The Great Escape fue filmada en la memoria de las varias decenas de POWs internados en el conocido como Stalag Luft III que, tras haberse conseguido escapar en una de las operaciones de este tipo más masivas de la segunda guerra mundial, y una vez recapturados, fueron fríamente asesinados por los nazis (aquí sí que cabe hablar de los nazis y no del ejército alemán; la mayoría de los asesinatos fue ejecutada por la Gestapo) sin haber sido regresados al campo de prisioneros.
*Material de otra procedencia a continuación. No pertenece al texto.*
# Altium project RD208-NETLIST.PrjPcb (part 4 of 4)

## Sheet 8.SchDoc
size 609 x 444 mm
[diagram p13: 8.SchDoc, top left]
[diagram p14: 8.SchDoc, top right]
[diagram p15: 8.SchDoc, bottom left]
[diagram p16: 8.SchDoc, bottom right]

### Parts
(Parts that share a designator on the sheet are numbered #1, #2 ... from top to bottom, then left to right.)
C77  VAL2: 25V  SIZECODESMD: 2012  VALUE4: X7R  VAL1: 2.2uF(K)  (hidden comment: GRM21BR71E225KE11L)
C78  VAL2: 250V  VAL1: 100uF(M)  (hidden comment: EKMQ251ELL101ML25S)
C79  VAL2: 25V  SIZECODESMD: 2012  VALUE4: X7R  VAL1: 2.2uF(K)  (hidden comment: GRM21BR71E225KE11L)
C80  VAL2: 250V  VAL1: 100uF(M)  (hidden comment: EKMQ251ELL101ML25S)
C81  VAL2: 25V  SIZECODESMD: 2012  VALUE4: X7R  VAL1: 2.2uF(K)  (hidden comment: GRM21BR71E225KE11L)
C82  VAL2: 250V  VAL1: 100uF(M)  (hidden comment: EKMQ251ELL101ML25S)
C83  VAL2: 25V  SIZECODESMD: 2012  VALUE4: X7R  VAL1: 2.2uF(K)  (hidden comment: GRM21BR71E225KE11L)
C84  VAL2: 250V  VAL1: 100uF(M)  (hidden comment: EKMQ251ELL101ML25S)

El Stammlager Luft III, situado en la ciudad polaca de Sagan (Zagan), fue construido bajo las órdenes Hermann Pepepótamo Göring y diseñado para hacer imposible la fuga. Este objetivo, sin embargo, fue desmentido, y de qué manera, por una organización bien engrasada de varias decenas de prisioneros, bajo el mando del Squadron Leader Roger Joyce Bushell, un auténtico grano británico en el culo alemán. Nombrado Big X, o sea el gran organizador de aquella fuga, ordenó la construcción de tres túneles, Tom, Dick y Harry, uno de los cuales habría de servir para que cerca de un centenar de presos lograsen escaparse, tras un año de trabajos, en marzo de 1944, generando con ello un enorme trabajo de localización a los alemanes. La película, cosa extraña en las creaciones estadounidense, es bastante fiel a los hechos reales. Incluso Attenborough exhibe en el film un ojo medio cerrado, y en libro de Reader descubriréis que Bushell, de hecho, lo tenía, a causa de un accidente esquiando. Otros detalles son totalmente verídicos, como la forma con la que los prisioneros «reciclaron» la tierra de sus excavaciones; aunque otras no lo son tanto: leyendo el libro he aprendido, por ejemplo, que el periplo hacia España del prisionero interpretado en la película por James Coburn no fue, en realidad, tan sencillo.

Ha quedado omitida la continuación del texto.